Author
Listed:
- Jianwen Li
(Guangxi Key Laboratory of Functional Information Materials and Intelligent Information Processing, Nanning Normal University, Nanning 530001, China
Smart Logistics Industry School of Nanning Normal University, Demonstrative Modern Industrial School of Guangxi University, Nanning 530001, China
These authors contributed equally to this work.)
- Shutian Liu
(Guangxi Geographical Indication Crops Research Center of Big Data Mining and Experimental Engineering Technology, Nanning Normal University, Nanning 530001, China
Guangxi Key Laboratory of Earth Surface Processes and Intelligent Simulation, Nanning Normal University, Nanning 530001, China
These authors contributed equally to this work.)
- Dong Chen
(Guangxi Key Laboratory of Functional Information Materials and Intelligent Information Processing, Nanning Normal University, Nanning 530001, China
Smart Logistics Industry School of Nanning Normal University, Demonstrative Modern Industrial School of Guangxi University, Nanning 530001, China)
- Shengbang Zhou
(Guangxi Key Laboratory of Functional Information Materials and Intelligent Information Processing, Nanning Normal University, Nanning 530001, China
Smart Logistics Industry School of Nanning Normal University, Demonstrative Modern Industrial School of Guangxi University, Nanning 530001, China)
- Chuanqi Li
(Guangxi Key Laboratory of Functional Information Materials and Intelligent Information Processing, Nanning Normal University, Nanning 530001, China
Smart Logistics Industry School of Nanning Normal University, Demonstrative Modern Industrial School of Guangxi University, Nanning 530001, China)
Abstract
The diversity and complexity of the agricultural environment pose significant challenges for the collection of pest and disease data.
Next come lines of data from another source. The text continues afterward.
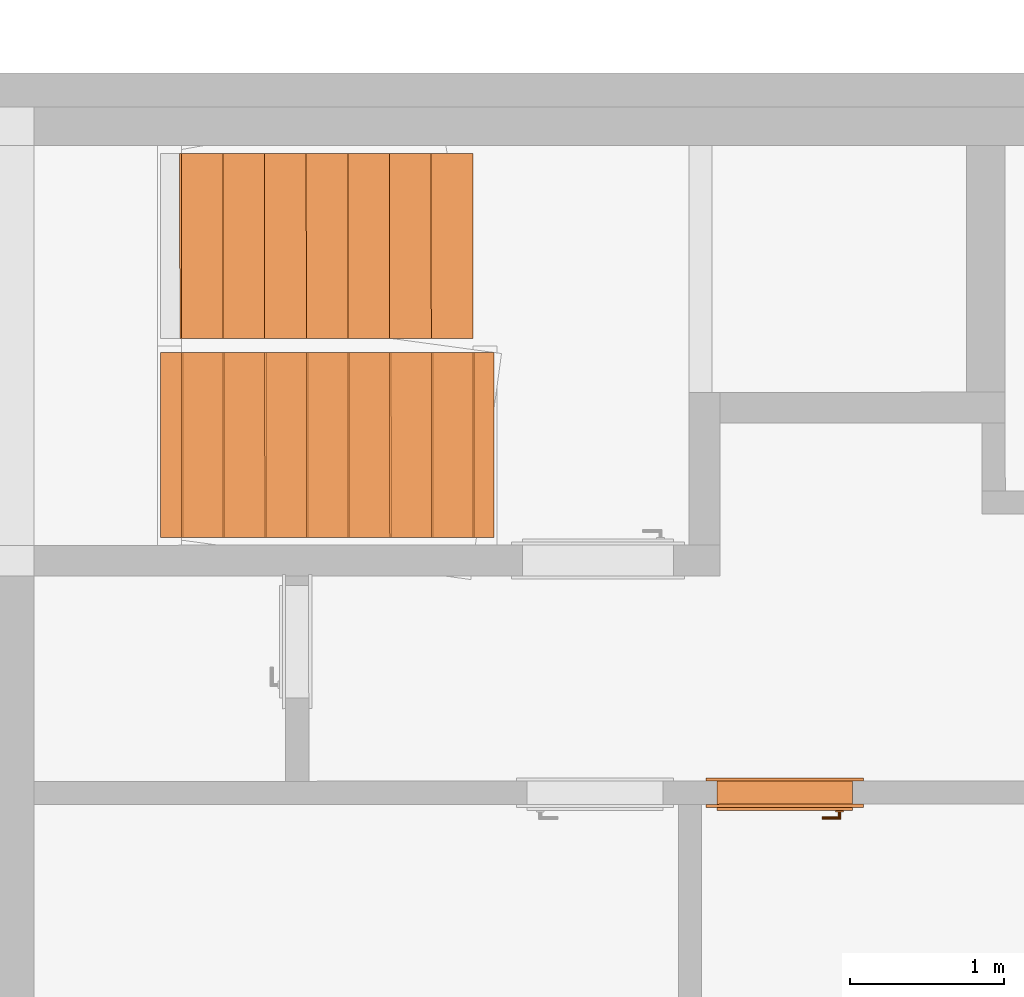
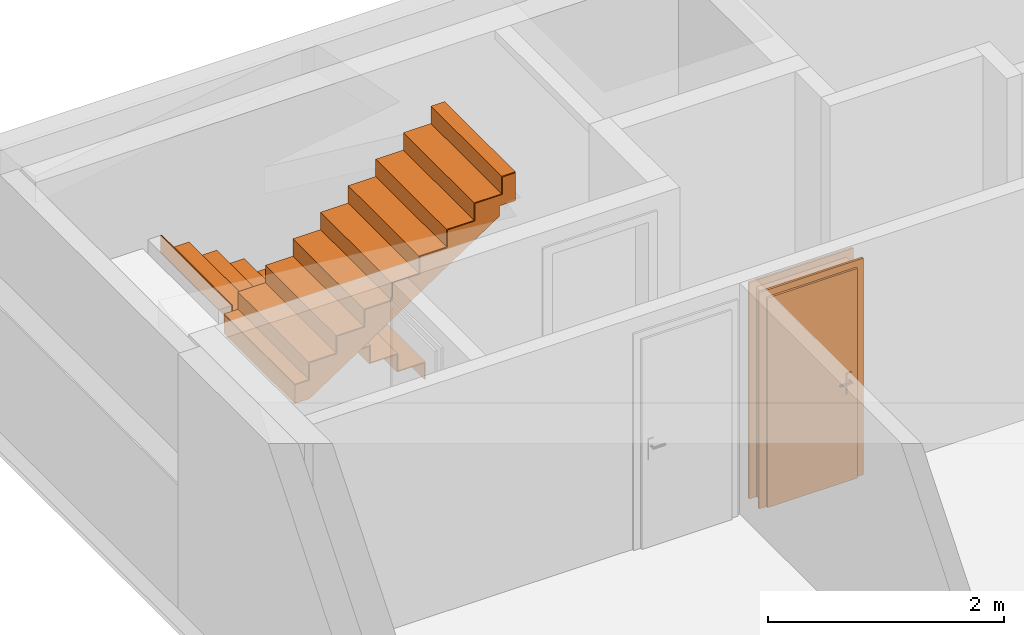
# One storey, part 5 of 9: 4 proxies.
"""IFC2X3 building model written with IfcOpenShell, lengths in metres."""

from ifc_helpers import new_model, entity, si_unit, converted_unit, derived_unit, direction, frame, origin, origin_with_axes, place, context, subcontext, project, spatial, faceted_brep, source, transform, mapped, element, save


model = new_model("IFC2X3")

# Units and contexts
model_context = context("Model", 3, precision=1e-05, world=origin(), true_north=direction((0.772621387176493, -0.634867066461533)))
body_context = subcontext(model_context, "Body", "Model", "MODEL_VIEW")
ifc_project = project(units=[si_unit("LENGTHUNIT", "METRE"), si_unit("AREAUNIT", "SQUARE_METRE"), si_unit("VOLUMEUNIT", "CUBIC_METRE"), si_unit("MASSUNIT", "GRAM", prefix="KILO"), converted_unit("PLANEANGLEUNIT", "DEGREE", entity("IfcPlaneAngleMeasure", 0.0174532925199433), si_unit("PLANEANGLEUNIT", "RADIAN"), dimensions=[0, 0, 0, 0, 0, 0, 0]), derived_unit("THERMALTRANSMITTANCEUNIT", [(si_unit("POWERUNIT", "WATT"), 1), (si_unit("THERMODYNAMICTEMPERATUREUNIT", "KELVIN"), -1), (si_unit("LENGTHUNIT", "METRE"), -2)]), derived_unit("VOLUMETRICFLOWRATEUNIT", [(si_unit("LENGTHUNIT", "METRE"), 3), (converted_unit("TIMEUNIT", "hour", entity("IfcTimeMeasure", 3600.0), si_unit("TIMEUNIT", "SECOND"), dimensions=[0, 0, 1, 0, 0, 0, 0]), -1), (si_unit("LENGTHUNIT", "METRE"), -1)])], contexts=[model_context])

# Site, building, storey
site_placement = place(None, origin())
site = spatial("IfcSite", under=ifc_project, at=site_placement, Name="Modelle auf dem Nullpunkt", CompositionType="ELEMENT")
building_placement = place(site_placement, origin())
building = spatial("IfcBuilding", under=site, at=building_placement, Name="I", CompositionType="ELEMENT")
storey_placement = place(building_placement, origin())
storey = spatial("IfcBuildingStorey", under=building, at=storey_placement, Name="UG", CompositionType="ELEMENT", Elevation=0.0)

# Proxies
shared_shape = source(origin_with_axes(), body_context, "Body", "Brep", [
    faceted_brep([(0.070000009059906, 0.190000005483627, 2.17), (0.070000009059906, 0.190000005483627, 0.0), (0.0900000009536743, 0.190000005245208, 0.0), (0.0900000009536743, 0.190000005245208, 2.17), (0.070000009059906, 0.0, 0.0), (0.070000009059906, 0.0, 2.17), (0.0900000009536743, 0.0, 2.17), (0.0900000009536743, 0.0, 0.0)], [[[0, 1, 2, 3]], [[4, 5, 6, 7]], [[1, 0, 5, 4]], [[2, 1, 4, 7]], [[3, 2, 7, 6]], [[0, 3, 6, 5]]], orient=[[False], [False], [False], [False], [False], [False]]),
    faceted_brep([(0.070000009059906, 0.190000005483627, 2.24), (0.0, 0.190000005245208, 2.24), (0.0, 0.190000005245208, 0.0), (0.070000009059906, 0.190000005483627, 0.0), (0.070000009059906, 0.170000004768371, 0.0), (0.0, 0.170000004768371, 0.0), (0.0, 0.170000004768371, 2.24), (0.070000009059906, 0.170000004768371, 2.24)], [[[0, 1, 2, 3]], [[4, 5, 6, 7]], [[3, 4, 7, 0]], [[2, 5, 4, 3]], [[1, 6, 5, 2]], [[0, 7, 6, 1]]], orient=[[False], [False], [False], [False], [False], [False]]),
    faceted_brep([(0.070000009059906, 0.0200000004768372, 2.24), (0.0, 0.0200000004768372, 2.24), (0.0, 0.0200000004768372, 0.0), (0.070000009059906, 0.0200000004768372, 0.0), (0.070000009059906, 0.0, 0.0), (0.0, 0.0, 0.0), (0.0, 0.0, 2.24), (0.070000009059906, 0.0, 2.24)], [[[0, 1, 2, 3]], [[4, 5, 6, 7]], [[3, 4, 7, 0]], [[2, 5, 4, 3]], [[1, 6, 5, 2]], [[0, 7, 6, 1]]], orient=[[False], [False], [False], [False], [False], [False]]),
    faceted_brep([(0.930000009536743, 0.190000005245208, 2.17), (0.930000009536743, 0.190000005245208, 0.0), (0.950000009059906, 0.190000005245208, 0.0), (0.950000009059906, 0.190000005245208, 2.17), (0.930000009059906, 0.0, 0.0), (0.930000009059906, 0.0, 2.17), (0.950000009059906, 0.0, 2.17), (0.950000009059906, 0.0, 0.0)], [[[0, 1, 2, 3]], [[4, 5, 6, 7]], [[1, 0, 5, 4]], [[2, 1, 4, 7]], [[3, 2, 7, 6]], [[0, 3, 6, 5]]], orient=[[False], [False], [False], [False], [False], [False]]),
    faceted_brep([(0.950000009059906, 0.190000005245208, 2.24), (0.950000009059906, 0.190000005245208, 0.0), (1.02000000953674, 0.190000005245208, 0.0), (1.02000000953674, 0.190000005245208, 2.24), (0.950000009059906, 0.170000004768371, 0.0), (0.950000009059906, 0.170000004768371, 2.24), (1.02000000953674, 0.17000000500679, 2.24), (1.02000000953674, 0.17000000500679, 0.0)], [[[0, 1, 2, 3]], [[4, 5, 6, 7]], [[1, 0, 5, 4]], [[2, 1, 4, 7]], [[3, 2, 7, 6]], [[0, 3, 6, 5]]], orient=[[False], [False], [False], [False], [False], [False]]),
    faceted_brep([(0.950000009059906, 0.0200000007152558, 2.24), (0.950000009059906, 0.0200000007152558, 0.0), (1.02000001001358, 0.0200000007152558, 0.0), (1.02000001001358, 0.0200000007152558, 2.24), (0.950000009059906, 0.0, 0.0), (0.950000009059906, 0.0, 2.24), (1.02000001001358, 0.0, 2.24), (1.02000001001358, 0.0, 0.0)], [[[0, 1, 2, 3]], [[4, 5, 6, 7]], [[1, 0, 5, 4]], [[2, 1, 4, 7]], [[3, 2, 7, 6]], [[0, 3, 6, 5]]], orient=[[False], [False], [False], [False], [False], [False]]),
    faceted_brep([(0.0900000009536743, 0.190000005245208, 2.17), (0.0900000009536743, 0.190000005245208, 2.15), (0.930000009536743, 0.190000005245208, 2.15), (0.930000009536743, 0.190000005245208, 2.17), (0.0900000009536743, 0.0, 2.15), (0.0900000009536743, 0.0, 2.17), (0.930000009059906, 0.0, 2.17), (0.930000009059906, 0.0, 2.15)], [[[0, 1, 2, 3]], [[4, 5, 6, 7]], [[1, 0, 5, 4]], [[2, 1, 4, 7]], [[3, 2, 7, 6]], [[0, 3, 6, 5]]], orient=[[False], [False], [False], [False], [False], [False]]),
    faceted_brep([(0.070000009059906, 0.190000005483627, 2.24), (0.070000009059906, 0.190000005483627, 2.17), (0.950000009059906, 0.190000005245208, 2.17), (0.950000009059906, 0.190000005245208, 2.24), (0.070000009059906, 0.170000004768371, 2.17), (0.070000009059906, 0.170000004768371, 2.24), (0.950000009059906, 0.170000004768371, 2.24), (0.950000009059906, 0.170000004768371, 2.17)], [[[0, 1, 2, 3]], [[4, 5, 6, 7]], [[1, 0, 5, 4]], [[2, 1, 4, 7]], [[3, 2, 7, 6]], [[0, 3, 6, 5]]], orient=[[False], [False], [False], [False], [False], [False]]),
    faceted_brep([(0.070000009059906, 0.0200000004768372, 2.24), (0.070000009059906, 0.0200000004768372, 2.17), (0.950000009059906, 0.0200000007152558, 2.17), (0.950000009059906, 0.0200000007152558, 2.24), (0.070000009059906, 0.0, 2.17), (0.070000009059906, 0.0, 2.24), (0.950000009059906, 0.0, 2.24), (0.950000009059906, 0.0, 2.17)], [[[0, 1, 2, 3]], [[4, 5, 6, 7]], [[1, 0, 5, 4]], [[2, 1, 4, 7]], [[3, 2, 7, 6]], [[0, 3, 6, 5]]], orient=[[False], [False], [False], [False], [False], [False]]),
    faceted_brep([(0.070000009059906, 0.210000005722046, 2.17), (0.070000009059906, 0.210000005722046, 0.0), (0.950000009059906, 0.210000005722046, 0.0), (0.950000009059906, 0.210000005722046, 2.17), (0.070000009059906, 0.170000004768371, 0.0), (0.070000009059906, 0.170000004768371, 2.17), (0.950000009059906, 0.170000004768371, 2.17), (0.950000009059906, 0.170000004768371, 0.0)], [[[0, 1, 2, 3]], [[4, 5, 6, 7]], [[1, 0, 5, 4]], [[2, 1, 4, 7]], [[3, 2, 7, 6]], [[0, 3, 6, 5]]], orient=[[False], [False], [False], [False], [False], [False]]),
    faceted_brep([(0.130000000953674, 0.17000000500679, 1.125), (0.130000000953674, 0.17000000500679, 0.91), (0.180000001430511, 0.170000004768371, 0.91), (0.180000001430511, 0.170000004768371, 1.125), (0.130000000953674, 0.160000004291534, 0.91), (0.130000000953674, 0.160000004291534, 1.125), (0.180000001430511, 0.160000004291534, 1.125), (0.180000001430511, 0.160000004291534, 0.91)], [[[0, 1, 2, 3]], [[4, 5, 6, 7]], [[1, 0, 5, 4]], [[2, 1, 4, 7]], [[3, 2, 7, 6]], [[0, 3, 6, 5]]], orient=[[False], [False], [False], [False], [False], [False]]),
    faceted_brep([(0.155000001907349, 0.160000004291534, 1.06), (0.150000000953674, 0.160000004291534, 1.05866025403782), (0.146339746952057, 0.160000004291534, 1.055), (0.145000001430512, 0.160000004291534, 1.05), (0.146339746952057, 0.160000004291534, 1.045), (0.150000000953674, 0.160000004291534, 1.04133974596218), (0.155000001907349, 0.160000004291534, 1.04), (0.160000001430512, 0.160000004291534, 1.04133974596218), (0.163660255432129, 0.160000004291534, 1.045), (0.165000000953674, 0.160000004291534, 1.05), (0.163660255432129, 0.160000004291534, 1.055), (0.160000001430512, 0.160000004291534, 1.05866025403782), (0.155000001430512, 0.12000000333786, 1.06), (0.150000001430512, 0.11500000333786, 1.05866025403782), (0.146339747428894, 0.111339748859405, 1.055), (0.145000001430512, 0.110000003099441, 1.05), (0.146339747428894, 0.111339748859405, 1.045), (0.150000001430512, 0.11500000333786, 1.04133974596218), (0.155000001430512, 0.12000000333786, 1.04), (0.160000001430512, 0.125000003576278, 1.04133974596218), (0.163660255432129, 0.128660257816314, 1.045), (0.165000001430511, 0.130000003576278, 1.05), (0.163660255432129, 0.128660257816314, 1.055), (0.160000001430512, 0.125000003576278, 1.05866025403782), (0.270000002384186, 0.12000000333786, 1.06), (0.270000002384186, 0.125000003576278, 1.05866025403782), (0.270000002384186, 0.128660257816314, 1.055), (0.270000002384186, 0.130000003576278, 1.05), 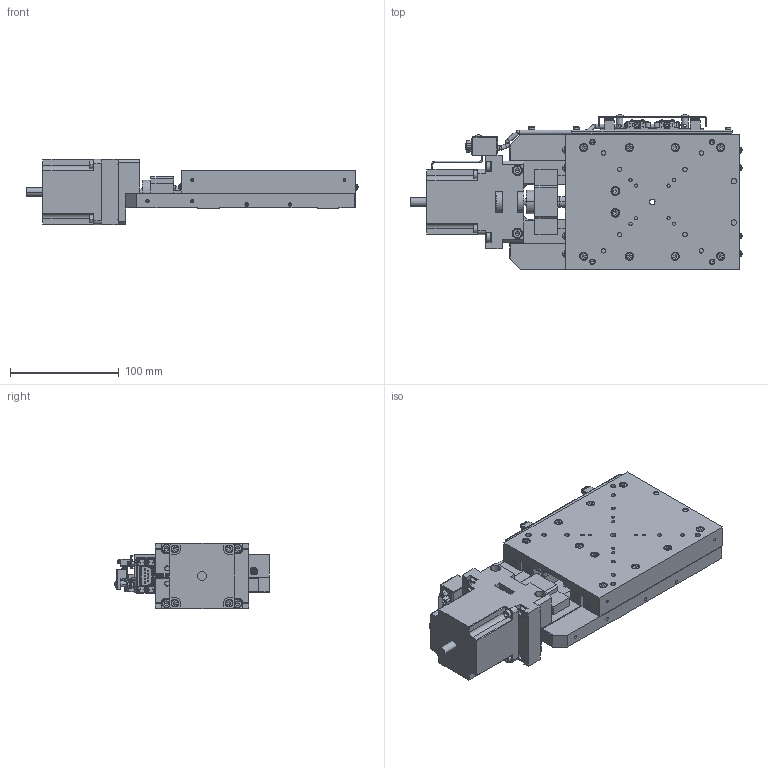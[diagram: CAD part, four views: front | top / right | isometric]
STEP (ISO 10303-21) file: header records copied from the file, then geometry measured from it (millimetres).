
FILE_DESCRIPTION( (''), '2;1');
FILE_NAME ('MVXA16A-R101-R.stp','2022-09-21T17:50:00',(''),(''),'spGate 17.5.5','','');
FILE_SCHEMA (('AUTOMOTIVE_DESIGN'));
Length unit declared in the file: millimetre
Products named in the file (3): Assembly; MVXA16A-R101-R-prt0; MVXA16A-R101-R-prt1
Assembly tree (2 placements, depth 2):
  Assembly
    MVXA16A-R101-R-prt0
    MVXA16A-R101-R-prt1
Bounding box: 305.29 x 142.39 x 60 mm (x, y, z)
Volume: 959544.3 mm3; surface area: 207209.9 mm2
Topology: 2 solids, 4 shells, 3028 faces, 7432 edges, 4564 vertices
Faces by surface type: plane 1670, cylinder 830, bspline 458, sphere 70
Entity records: 150543 total; most frequent: CARTESIAN_POINT 22574, ORIENTED_EDGE 14596, DIRECTION 13861, COLOUR_RGB 10328, PRESENTATION_STYLE_ASSIGNMENT 10328, STYLED_ITEM 10328, EDGE_CURVE 7298, DRAUGHTING_PRE_DEFINED_CURVE_FONT 7298

Additionally, pest and disease datasets often suffer from uneven distribution in quantity and inconsistent annotation standards. Enhancing the accuracy of pest and disease recognition remains a challenge for existing models. We constructed a representative agricultural pest and disease dataset, FIP6Set, through a combination of field photography and web scraping. This dataset encapsulates key issues encountered in existing agricultural pest and disease datasets. Referencing existing bounding box regression (BBR) loss functions, we reconsidered their geometric features and proposed a novel bounding box similarity comparison metric, DDRIoU, suited to the characteristics of agricultural pest and disease datasets. By integrating the focal loss concept with the DDRIoU loss, we derived a new loss function, namely Focal-DDRIoU loss. Furthermore, we modified the network structure of YOLOV7 by embedding the MobileViTv3 module. Consequently, we introduced a model specifically designed for agricultural pest and disease detection in precision agriculture. We conducted performance evaluations on the FIP6Set dataset using mAP75 as the evaluation metric. Experimental results demonstrate that the Focal-DDRIoU loss achieves improvements of 1.12%, 1.24%, 1.04%, and 1.50% compared to the GIoU, DIoU, CIoU, and EIoU losses, respectively. When employing the GIoU, DIoU, CIoU, EIoU, and Focal-DDRIoU loss functions, the adjusted network structure showed enhancements of 0.68%, 0.68%, 0.78%, 0.60%, and 0.56%, respectively, compared to the original YOLOv7. Furthermore, the proposed model outperformed the mainstream YOLOv7 and YOLOv5 models by 1.86% and 1.60%, respectively. The superior performance of the proposed model in detecting agricultural pests and diseases directly contributes to reducing pesticide misuse, preventing large-scale pest and disease outbreaks, and ultimately enhancing crop yields. These outcomes strongly support the promotion of sustainable agricultural development.
Suggested Citation
Jianwen Li & Shutian Liu & Dong Chen & Shengbang Zhou & Chuanqi Li, 2024.
"APD-YOLOv7: Enhancing Sustainable Farming through Precise Identification of Agricultural Pests and Diseases Using a Novel Diagonal Difference Ratio IOU Loss,"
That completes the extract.